Task prompt:
Print word for word whatever lies between the first line of the material and the line holding "color=color, linetype=linetype, lineweight=lineweight)", both included, and omit all pictures.

Source data:
---
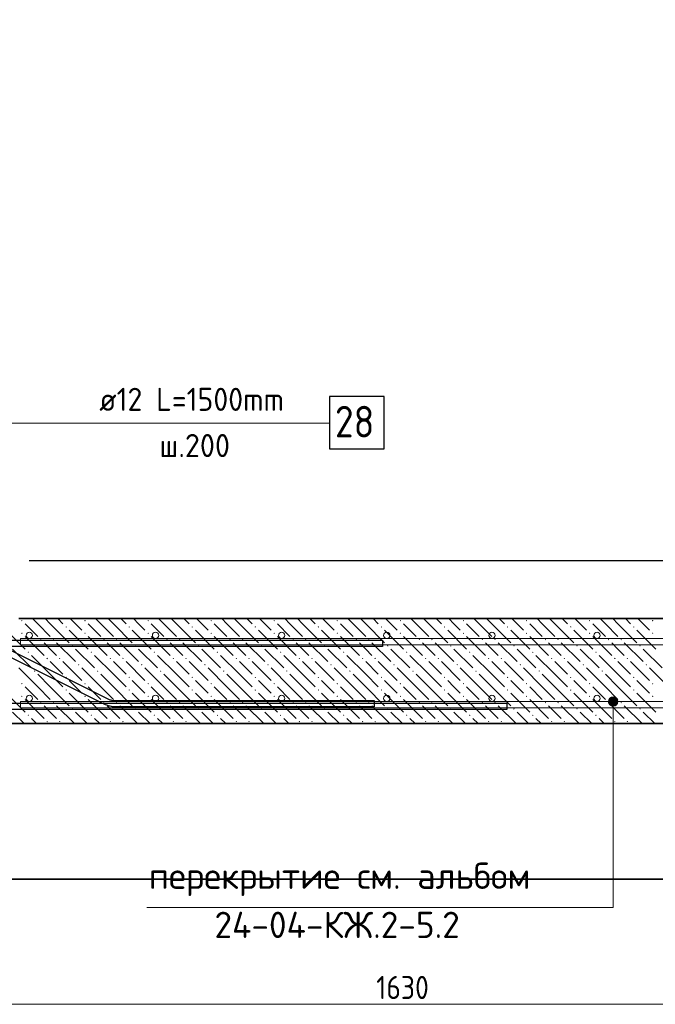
# Model space of a CAD drawing. Header units: millimetres. Extents: x 0 to 21005, y -5 to 14850.
# Tile 21 of 23: x 14622 to 17645, y 7475 to 12160. Entities that reach past the tile are written whole.
import ezdxf

# ---------------------------------------------------------------- set-up
doc = ezdxf.new("R2010")
doc.units = ezdxf.units.MM
for name, color, linetype, lineweight in [('Standard', 7, 'Continuous', 25), ('Обрамление П-обр. равн.', 7, 'Continuous', 25), ('Общий01', 7, 'Continuous', 13), ('Позиционная метка линия выноска', 7, 'Continuous', 13), ('Примечания', 7, 'Continuous', 13), ('Размерная линия_ общее', 7, 'Continuous', 13)]:
    doc.layers.add(name, color=color, linetype=linetype, lineweight=lineweight)
doc.layers.add('ЖБ Лестница', color=7, linetype='Continuous', lineweight=25, true_color=0xe0e0ff)
doc.styles.add('ISOCPEUR', font='txt')

msp = doc.modelspace()

# ---------------------------------------------------------------- hatches: boundary and pattern name
at = {"layer": 'ЖБ Лестница', "linetype": 'Continuous', "lineweight": 18, "transparency": 33554687}
for points in [[(14629.2, 9300.3), (14632.5, 9303.6), (14635.8, 9300.3), (14632.5, 9297.1)], [(14929.2, 9300.3), (14932.5, 9303.6), (14935.8, 9300.3), (14932.5, 9297.1)], [(15229.2, 9300.3), (15232.5, 9303.6), (15235.8, 9300.3), (15232.5, 9297.1)], [(15529.2, 9300.3), (15532.5, 9303.6), (15535.8, 9300.3), (15532.5, 9297.1)], [(15829.2, 9300.3), (15832.5, 9303.6), (15835.8, 9300.3), (15832.5, 9297.1)], [(16129.2, 9300.3), (16132.5, 9303.6), (16135.8, 9300.3), (16132.5, 9297.1)], [(16429.2, 9300.3), (16432.5, 9303.6), (16435.8, 9300.3), (16432.5, 9297.1)], [(16729.2, 9300.3), (16732.5, 9303.6), (16735.8, 9300.3), (16732.5, 9297.1)], [(17029.2, 9300.3), (17032.5, 9303.6), (17035.8, 9300.3), (17032.5, 9297.1)], [(17329.2, 9300.3), (17332.5, 9303.6), (17335.8, 9300.3), (17332.5, 9297.1)], [(17629.2, 9300.3), (17632.5, 9303.6), (17635.8, 9300.3), (17632.5, 9297.1)], [(14629.2, 9240.3), (14632.5, 9243.6), (14635.8, 9240.3), (14632.5, 9237.1)], [(14839.2, 9270.3), (14842.5, 9273.6), (14845.8, 9270.3), (14842.5, 9267.1)], [(14929.2, 9240.3), (14932.5, 9243.6), (14935.8, 9240.3), (14932.5, 9237.1)], [(15139.2, 9270.3), (15142.5, 9273.6), (15145.8, 9270.3), (15142.5, 9267.1)], [(15229.2, 9240.3), (15232.5, 9243.6), (15235.8, 9240.3), (15232.5, 9237.1)], [(15439.2, 9270.3), (15442.5, 9273.6), (15445.8, 9270.3), (15442.5, 9267.1)], [(15529.2, 9240.3), (15532.5, 9243.6), (15535.8, 9240.3), (15532.5, 9237.1)], [(15739.2, 9270.3), (15742.5, 9273.6), (15745.8, 9270.3), (15742.5, 9267.1)], [(15829.2, 9240.3), (15832.5, 9243.6), (15835.8, 9240.3), (15832.5, 9237.1)], [(16039.2, 9270.3), (16042.5, 9273.6), (16045.8, 9270.3), (16042.5, 9267.1)], [(16129.2, 9240.3), (16132.5, 9243.6), (16135.8, 9240.3), (16132.5, 9237.1)], [(16339.2, 9270.3), (16342.5, 9273.6), (16345.8, 9270.3), (16342.5, 9267.1)], [(16429.2, 9240.3), (16432.5, 9243.6), (16435.8, 9240.3), (16432.5, 9237.1)], [(16639.2, 9270.3), (16642.5, 9273.6), (16645.8, 9270.3), (16642.5, 9267.1)], [(16729.2, 9240.3), (16732.5, 9243.6), (16735.8, 9240.3), (16732.5, 9237.1)], [(16939.2, 9270.3), (16942.5, 9273.6), (16945.8, 9270.3), (16942.5, 9267.1)], [(17029.2, 9240.3), (17032.5, 9243.6), (17035.8, 9240.3), (17032.5, 9237.1)], [(17239.2, 9270.3), (17242.5, 9273.6), (17245.8, 9270.3), (17242.5, 9267.1)], [(17329.2, 9240.3), (17332.5, 9243.6), (17335.8, 9240.3), (17332.5, 9237.1)], [(17539.2, 9270.3), (17542.5, 9273.6), (17545.8, 9270.3), (17542.5, 9267.1)], [(17629.2, 9240.3), (17632.5, 9243.6), (17635.8, 9240.3), (17632.5, 9237.1)], [(14719.3, 9210.3), (14722.5, 9213.6), (14725.8, 9210.3), (14722.5, 9207.1)], [(14779.2, 9210.3), (14782.5, 9213.6), (14785.8, 9210.3), (14782.5, 9207.1)], [(14869.3, 9180.3), (14872.5, 9183.6), (14875.8, 9180.3), (14872.5, 9177.1)], [(15019.3, 9210.3), (15022.5, 9213.6), (15025.8, 9210.3), (15022.5, 9207.1)], [(15079.2, 9210.3), (15082.5, 9213.6), (15085.8, 9210.3), (15082.5, 9207.1)], [(15169.3, 9180.3), (15172.5, 9183.6), (15175.8, 9180.3), (15172.5, 9177.1)], [(15319.3, 9210.3), (15322.5, 9213.6), (15325.8, 9210.3), (15322.5, 9207.1)], [(15379.2, 9210.3), (15382.5, 9213.6), (15385.8, 9210.3), (15382.5, 9207.1)], [(15469.3, 9180.3), (15472.5, 9183.6), (15475.8, 9180.3), (15472.5, 9177.1)], [(15619.3, 9210.3), (15622.5, 9213.6), (15625.8, 9210.3), (15622.5, 9207.1)], [(15679.2, 9210.3), (15682.5, 9213.6), (15685.8, 9210.3), (15682.5, 9207.1)], [(15769.3, 9180.3), (15772.5, 9183.6), (15775.8, 9180.3), (15772.5, 9177.1)], [(15919.3, 9210.3), (15922.5, 9213.6), (15925.8, 9210.3), (15922.5, 9207.1)], [(15979.2, 9210.3), (15982.5, 9213.6), (15985.8, 9210.3), (15982.5, 9207.1)], [(16069.3, 9180.3), (16072.5, 9183.6), (16075.8, 9180.3), (16072.5, 9177.1)], [(16219.3, 9210.3), (16222.5, 9213.6), (16225.8, 9210.3), (16222.5, 9207.1)], [(16279.2, 9210.3), (16282.5, 9213.6), (16285.8, 9210.3), (16282.5, 9207.1)], [(16369.3, 9180.3), (16372.5, 9183.6), (16375.8, 9180.3), (16372.5, 9177.1)], [(16519.3, 9210.3), (16522.5, 9213.6), (16525.8, 9210.3), (16522.5, 9207.1)], [(16579.2, 9210.3), (16582.5, 9213.6), (16585.8, 9210.3), (16582.5, 9207.1)], [(16669.3, 9180.3), (16672.5, 9183.6), (16675.8, 9180.3), (16672.5, 9177.1)], [(16819.3, 9210.3), (16822.5, 9213.6), (16825.8, 9210.3), (16822.5, 9207.1)], [(16879.2, 9210.3), (16882.5, 9213.6), (16885.8, 9210.3), (16882.5, 9207.1)], [(16969.3, 9180.3), (16972.5, 9183.6), (16975.8, 9180.3), (16972.5, 9177.1)], [(17119.3, 9210.3), (17122.5, 9213.6), (17125.8, 9210.3), (17122.5, 9207.1)], [(17179.2, 9210.3), (17182.5, 9213.6), (17185.8, 9210.3), (17182.5, 9207.1)], [(17269.3, 9180.3), (17272.5, 9183.6), (17275.8, 9180.3), (17272.5, 9177.1)], [(17419.3, 9210.3), (17422.5, 9213.6), (17425.8, 9210.3), (17422.5, 9207.1)], [(17479.2, 9210.3), (17482.5, 9213.6), (17485.8, 9210.3), (17482.5, 9207.1)], [(17569.3, 9180.3), (17572.5, 9183.6), (17575.8, 9180.3), (17572.5, 9177.1)], [(14659.3, 9150.3), (14662.5, 9153.6), (14665.8, 9150.3), (14662.5, 9147.1)], [(14959.3, 9150.3), (14962.5, 9153.6), (14965.8, 9150.3), (14962.5, 9147.1)], [(15259.3, 9150.3), (15262.5, 9153.6), (15265.8, 9150.3), (15262.5, 9147.1)], [(15559.3, 9150.3), (15562.5, 9153.6), (15565.8, 9150.3), (15562.5, 9147.1)], [(15859.3, 9150.3), (15862.5, 9153.6), (15865.8, 9150.3), (15862.5, 9147.1)], [(16159.3, 9150.3), (16162.5, 9153.6), (16165.8, 9150.3), (16162.5, 9147.1)], [(16459.3, 9150.3), (16462.5, 9153.6), (16465.8, 9150.3), (16462.5, 9147.1)], [(16759.3, 9150.3), (16762.5, 9153.6), (16765.8, 9150.3), (16762.5, 9147.1)], [(17059.3, 9150.3), (17062.5, 9153.6), (17065.8, 9150.3), (17062.5, 9147.1)], [(17359.3, 9150.3), (17362.5, 9153.6), (17365.8, 9150.3), (17362.5, 9147.1)], [(14749.2, 9120.3), (14752.5, 9123.6), (14755.8, 9120.3), (14752.5, 9117.1)], [(14809.3, 9120.3), (14812.5, 9123.6), (14815.8, 9120.3), (14812.5, 9117.1)], [(14899.2, 9090.3), (14902.5, 9093.6), (14905.8, 9090.3), (14902.5, 9087.1)], [(15049.2, 9120.3), (15052.5, 9123.6), (15055.8, 9120.3), (15052.5, 9117.1)], [(15109.3, 9120.3), (15112.5, 9123.6), (15115.8, 9120.3), (15112.5, 9117.1)], [(15199.2, 9090.3), (15202.5, 9093.6), (15205.8, 9090.3), (15202.5, 9087.1)], [(15349.2, 9120.3), (15352.5, 9123.6), (15355.8, 9120.3), (15352.5, 9117.1)], [(15409.3, 9120.3), (15412.5, 9123.6), (15415.8, 9120.3), (15412.5, 9117.1)], [(15499.2, 9090.3), (15502.5, 9093.6), (15505.8, 9090.3), (15502.5, 9087.1)], [(15649.2, 9120.3), (15652.5, 9123.6), (15655.8, 9120.3), (15652.5, 9117.1)], [(15709.3, 9120.3), (15712.5, 9123.6), (15715.8, 9120.3), (15712.5, 9117.1)], [(15799.3, 9090.3), (15802.5, 9093.6), (15805.8, 9090.3), (15802.5, 9087.1)], [(15949.3, 9120.3), (15952.5, 9123.6), (15955.8, 9120.3), (15952.5, 9117.1)], [(16009.3, 9120.3), (16012.5, 9123.6), (16015.8, 9120.3), (16012.5, 9117.1)], [(16099.3, 9090.3), (16102.5, 9093.6), (16105.8, 9090.3), (16102.5, 9087.1)], [(16249.3, 9120.3), (16252.5, 9123.6), (16255.8, 9120.3), (16252.5, 9117.1)], [(16309.3, 9120.3), (16312.5, 9123.6), (16315.8, 9120.3), (16312.5, 9117.1)], [(16399.3, 9090.3), (16402.5, 9093.6), (16405.8, 9090.3), (16402.5, 9087.1)], [(16549.3, 9120.3), (16552.5, 9123.6), (16555.8, 9120.3), (16552.5, 9117.1)], [(16609.3, 9120.3), (16612.5, 9123.6), (16615.8, 9120.3), (16612.5, 9117.1)], [(16699.3, 9090.3), (16702.5, 9093.6), (16705.8, 9090.3), (16702.5, 9087.1)], [(16849.3, 9120.3), (16852.5, 9123.6), (16855.8, 9120.3), (16852.5, 9117.1)], [(16909.3, 9120.3), (16912.5, 9123.6), (16915.8, 9120.3), (16912.5, 9117.1)], [(16999.3, 9090.3), (17002.5, 9093.6), (17005.8, 9090.3), (17002.5, 9087.1)], [(17149.3, 9120.3), (17152.5, 9123.6), (17155.8, 9120.3), (17152.5, 9117.1)], [(17209.3, 9120.3), (17212.5, 9123.6), (17215.8, 9120.3), (17212.5, 9117.1)], [(17299.3, 9090.3), (17302.5, 9093.6), (17305.8, 9090.3), (17302.5, 9087.1)], [(17449.3, 9120.3), (17452.5, 9123.6), (17455.8, 9120.3), (17452.5, 9117.1)], [(17509.3, 9120.3), (17512.5, 9123.6), (17515.8, 9120.3), (17512.5, 9117.1)], [(17599.3, 9090.3), (17602.5, 9093.6), (17605.8, 9090.3), (17602.5, 9087.1)], [(14689.2, 9060.3), (14692.5, 9063.6), (14695.8, 9060.3), (14692.5, 9057.1)], [(14989.2, 9060.3), (14992.5, 9063.6), (14995.8, 9060.3), (14992.5, 9057.1)], [(15289.2, 9060.3), (15292.5, 9063.6), (15295.8, 9060.3), (15292.5, 9057.1)], [(15589.2, 9060.3), (15592.5, 9063.6), (15595.8, 9060.3), (15592.5, 9057.1)], [(15889.2, 9060.3), (15892.5, 9063.6), (15895.8, 9060.3), (15892.5, 9057.1)], [(16189.2, 9060.3), (16192.5, 9063.6), (16195.8, 9060.3), (16192.5, 9057.1)], [(16489.2, 9060.3), (16492.5, 9063.6), (16495.8, 9060.3), (16492.5, 9057.1)], [(16789.2, 9060.3), (16792.5, 9063.6), (16795.8, 9060.3), (16792.5, 9057.1)], [(17089.2, 9060.3), (17092.5, 9063.6), (17095.8, 9060.3), (17092.5, 9057.1)], [(17389.2, 9060.3), (17392.5, 9063.6), (17395.8, 9060.3), (17392.5, 9057.1)], [(14629.2, 9000.3), (14632.5, 9003.6), (14635.8, 9000.3), (14632.5, 8997.1)], [(14839.2, 9030.3), (14842.5, 9033.6), (14845.8, 9030.3), (14842.5, 9027.1)], [(14929.2, 9000.3), (14932.5, 9003.6), (14935.8, 9000.3), (14932.5, 8997.1)], [(15139.2, 9030.3), (15142.5, 9033.6), (15145.8, 9030.3), (15142.5, 9027.1)], [(15229.2, 9000.3), (15232.5, 9003.6), (15235.8, 9000.3), (15232.5, 8997.1)], [(15439.2, 9030.3), (15442.5, 9033.6), (15445.8, 9030.3), (15442.5, 9027.1)], [(15529.2, 9000.3), (15532.5, 9003.6), (15535.8, 9000.3), (15532.5, 8997.1)], [(15739.2, 9030.3), (15742.5, 9033.6), (15745.8, 9030.3), (15742.5, 9027.1)], [(15829.2, 9000.3), (15832.5, 9003.6), (15835.8, 9000.3), (15832.5, 8997.1)], [(16039.2, 9030.3), (16042.5, 9033.6), (16045.8, 9030.3), (16042.5, 9027.1)], [(16129.2, 9000.3), (16132.5, 9003.6), (16135.8, 9000.3), (16132.5, 8997.1)], [(16339.2, 9030.3), (16342.5, 9033.6), (16345.8, 9030.3), (16342.5, 9027.1)], [(16429.2, 9000.3), (16432.5, 9003.6), (16435.8, 9000.3), (16432.5, 8997.1)], [(16639.2, 9030.3), (16642.5, 9033.6), (16645.8, 9030.3), (16642.5, 9027.1)], [(16729.2, 9000.3), (16732.5, 9003.6), (16735.8, 9000.3), (16732.5, 8997.1)], [(16939.2, 9030.3), (16942.5, 9033.6), (16945.8, 9030.3), (16942.5, 9027.1)], [(17029.2, 9000.3), (17032.5, 9003.6), (17035.8, 9000.3), (17032.5, 8997.1)], [(17239.2, 9030.3), (17242.5, 9033.6), (17245.8, 9030.3), (17242.5, 9027.1)], [(17329.2, 9000.3), (17332.5, 9003.6), (17335.8, 9000.3), (17332.5, 8997.1)], [(17539.2, 9030.3), (17542.5, 9033.6), (17545.8, 9030.3), (17542.5, 9027.1)], [(17629.2, 9000.3), (17632.5, 9003.6), (17635.8, 9000.3), (17632.5, 8997.1)], [(14839.2, 8970.3), (14842.5, 8973.6), (14845.8, 8970.3), (14842.5, 8967.1)], [(15139.2, 8970.3), (15142.5, 8973.6), (15145.8, 8970.3), (15142.5, 8967.1)], [(15439.2, 8970.3), (15442.5, 8973.6), (15445.8, 8970.3), (15442.5, 8967.1)], [(15739.2, 8970.3), (15742.5, 8973.6), (15745.8, 8970.3), (15742.5, 8967.1)], [(16039.2, 8970.3), (16042.5, 8973.6), (16045.8, 8970.3), (16042.5, 8967.1)], [(16339.2, 8970.3), (16342.5, 8973.6), (16345.8, 8970.3), (16342.5, 8967.1)], [(16639.2, 8970.3), (16642.5, 8973.6), (16645.8, 8970.3), (16642.5, 8967.1)], [(16939.2, 8970.3), (16942.5, 8973.6), (16945.8, 8970.3), (16942.5, 8967.1)], [(17239.2, 8970.3), (17242.5, 8973.6), (17245.8, 8970.3), (17242.5, 8967.1)], [(17539.2, 8970.3), (17542.5, 8973.6), (17545.8, 8970.3), (17542.5, 8967.1)], [(14629.2, 8940.3), (14632.5, 8943.6), (14635.8, 8940.3), (14632.5, 8937.1)], [(14719.3, 8910.3), (14722.5, 8913.6), (14725.8, 8910.3), (14722.5, 8907.1)], [(14779.2, 8910.3), (14782.5, 8913.6), (14785.8, 8910.3), (14782.5, 8907.1)], [(14929.2, 8940.3), (14932.5, 8943.6), (14935.8, 8940.3), (14932.5, 8937.1)], [(15019.3, 8910.3), (15022.5, 8913.6), (15025.8, 8910.3), (15022.5, 8907.1)], [(15079.2, 8910.3), (15082.5, 8913.6), (15085.8, 8910.3), (15082.5, 8907.1)], [(15229.2, 8940.3), (15232.5, 8943.6), (15235.8, 8940.3), (15232.5, 8937.1)], [(15319.3, 8910.3), (15322.5, 8913.6), (15325.8, 8910.3), (15322.5, 8907.1)], [(15379.2, 8910.3), (15382.5, 8913.6), (15385.8, 8910.3), (15382.5, 8907.1)], [(15529.2, 8940.3), (15532.5, 8943.6), (15535.8, 8940.3), (15532.5, 8937.1)], [(15619.3, 8910.3), (15622.5, 8913.6), (15625.8, 8910.3), (15622.5, 8907.1)], [(15679.2, 8910.3), (15682.5, 8913.6), (15685.8, 8910.3), (15682.5, 8907.1)], [(15829.2, 8940.3), (15832.5, 8943.6), (15835.8, 8940.3), (15832.5, 8937.1)], [(15919.3, 8910.3), (15922.5, 8913.6), (15925.8, 8910.3), (15922.5, 8907.1)], [(15979.2, 8910.3), (15982.5, 8913.6), (15985.8, 8910.3), (15982.5, 8907.1)], [(16129.2, 8940.3), (16132.5, 8943.6), (16135.8, 8940.3), (16132.5, 8937.1)], [(16219.3, 8910.3), (16222.5, 8913.6), (16225.8, 8910.3), (16222.5, 8907.1)], [(16279.2, 8910.3), (16282.5, 8913.6), (16285.8, 8910.3), (16282.5, 8907.1)], [(16429.2, 8940.3), (16432.5, 8943.6), (16435.8, 8940.3), (16432.5, 8937.1)], [(16519.3, 8910.3), (16522.5, 8913.6), (16525.8, 8910.3), (16522.5, 8907.1)], [(16579.2, 8910.3), (16582.5, 8913.6), (16585.8, 8910.3), (16582.5, 8907.1)], [(16729.2, 8940.3), (16732.5, 8943.6), (16735.8, 8940.3), (16732.5, 8937.1)], [(16819.3, 8910.3), (16822.5, 8913.6), (16825.8, 8910.3), (16822.5, 8907.1)], [(16879.2, 8910.3), (16882.5, 8913.6), (16885.8, 8910.3), (16882.5, 8907.1)], [(17029.2, 8940.3), (17032.5, 8943.6), (17035.8, 8940.3), (17032.5, 8937.1)], [(17119.3, 8910.3), (17122.5, 8913.6), (17125.8, 8910.3), (17122.5, 8907.1)], [(17179.2, 8910.3), (17182.5, 8913.6), (17185.8, 8910.3), (17182.5, 8907.1)], [(17329.2, 8940.3), (17332.5, 8943.6), (17335.8, 8940.3), (17332.5, 8937.1)], [(17419.3, 8910.3), (17422.5, 8913.6), (17425.8, 8910.3), (17422.5, 8907.1)], [(17479.2, 8910.3), (17482.5, 8913.6), (17485.8, 8910.3), (17482.5, 8907.1)], [(17629.2, 8940.3), (17632.5, 8943.6), (17635.8, 8940.3), (17632.5, 8937.1)], [(14869.3, 8880.3), (14872.5, 8883.6), (14875.8, 8880.3), (14872.5, 8877.1)], [(15169.3, 8880.3), (15172.5, 8883.6), (15175.8, 8880.3), (15172.5, 8877.1)], [(15469.3, 8880.3), (15472.5, 8883.6), (15475.8, 8880.3), (15472.5, 8877.1)], [(15769.3, 8880.3), (15772.5, 8883.6), (15775.8, 8880.3), (15772.5, 8877.1)], [(16069.3, 8880.3), (16072.5, 8883.6), (16075.8, 8880.3), (16072.5, 8877.1)], [(16369.3, 8880.3), (16372.5, 8883.6), (16375.8, 8880.3), (16372.5, 8877.1)], [(16669.3, 8880.3), (16672.5, 8883.6), (16675.8, 8880.3), (16672.5, 8877.1)], [(16969.3, 8880.3), (16972.5, 8883.6), (16975.8, 8880.3), (16972.5, 8877.1)], [(17269.3, 8880.3), (17272.5, 8883.6), (17275.8, 8880.3), (17272.5, 8877.1)], [(17569.3, 8880.3), (17572.5, 8883.6), (17575.8, 8880.3), (17572.5, 8877.1)], [(14659.3, 8850.3), (14662.5, 8853.6), (14665.8, 8850.3), (14662.5, 8847.1)], [(14749.2, 8820.3), (14752.5, 8823.6), (14755.8, 8820.3), (14752.5, 8817.1)], [(14809.3, 8820.3), (14812.5, 8823.6), (14815.8, 8820.3), (14812.5, 8817.1)], [(14959.3, 8850.3), (14962.5, 8853.6), (14965.8, 8850.3), (14962.5, 8847.1)], [(15049.2, 8820.3), (15052.5, 8823.6), (15055.8, 8820.3), (15052.5, 8817.1)], [(15109.3, 8820.3), (15112.5, 8823.6), (15115.8, 8820.3), (15112.5, 8817.1)], [(15259.3, 8850.3), (15262.5, 8853.6), (15265.8, 8850.3), (15262.5, 8847.1)], [(15349.2, 8820.3), (15352.5, 8823.6), (15355.8, 8820.3), (15352.5, 8817.1)], [(15409.3, 8820.3), (15412.5, 8823.6), (15415.8, 8820.3), (15412.5, 8817.1)], [(15559.3, 8850.3), (15562.5, 8853.6), (15565.8, 8850.3), (15562.5, 8847.1)], [(15649.2, 8820.3), (15652.5, 8823.6), (15655.8, 8820.3), (15652.5, 8817.1)], [(15709.3, 8820.3), (15712.5, 8823.6), (15715.8, 8820.3), (15712.5, 8817.1)], [(15859.3, 8850.3), (15862.5, 8853.6), (15865.8, 8850.3), (15862.5, 8847.1)], [(15949.3, 8820.3), (15952.5, 8823.6), (15955.8, 8820.3), (15952.5, 8817.1)], [(16009.3, 8820.3), (16012.5, 8823.6), (16015.8, 8820.3), (16012.5, 8817.1)], [(16159.3, 8850.3), (16162.5, 8853.6), (16165.8, 8850.3), (16162.5, 8847.1)], [(16249.3, 8820.3), (16252.5, 8823.6), (16255.8, 8820.3), (16252.5, 8817.1)], [(16309.3, 8820.3), (16312.5, 8823.6), (16315.8, 8820.3), (16312.5, 8817.1)], [(16459.3, 8850.3), (16462.5, 8853.6), (16465.8, 8850.3), (16462.5, 8847.1)], [(16549.3, 8820.3), (16552.5, 8823.6), (16555.8, 8820.3), (16552.5, 8817.1)], [(16609.3, 8820.3), (16612.5, 8823.6), (16615.8, 8820.3), (16612.5, 8817.1)], [(16759.3, 8850.3), (16762.5, 8853.6), (16765.8, 8850.3), (16762.5, 8847.1)], [(16849.3, 8820.3), (16852.5, 8823.6), (16855.8, 8820.3), (16852.5, 8817.1)], [(16909.3, 8820.3), (16912.5, 8823.6), (16915.8, 8820.3), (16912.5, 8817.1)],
---
Exercise solution:
# Model space of a CAD drawing. Header units: millimetres. Extents: x 0 to 21005, y -5 to 14850.
# Tile 21 of 23: x 14622 to 17645, y 7475 to 12160. Entities that reach past the tile are written whole.
import ezdxf

# ---------------------------------------------------------------- set-up
doc = ezdxf.new("R2010")
doc.units = ezdxf.units.MM
for name, color, linetype, lineweight in [('Standard', 7, 'Continuous', 25), ('Обрамление П-обр. равн.', 7, 'Continuous', 25), ('Общий01', 7, 'Continuous', 13), ('Позиционная метка линия выноска', 7, 'Continuous', 13), ('Примечания', 7, 'Continuous', 13), ('Размерная линия_ общее', 7, 'Continuous', 13)]:
    doc.layers.add(name, color=color, linetype=linetype, lineweight=lineweight)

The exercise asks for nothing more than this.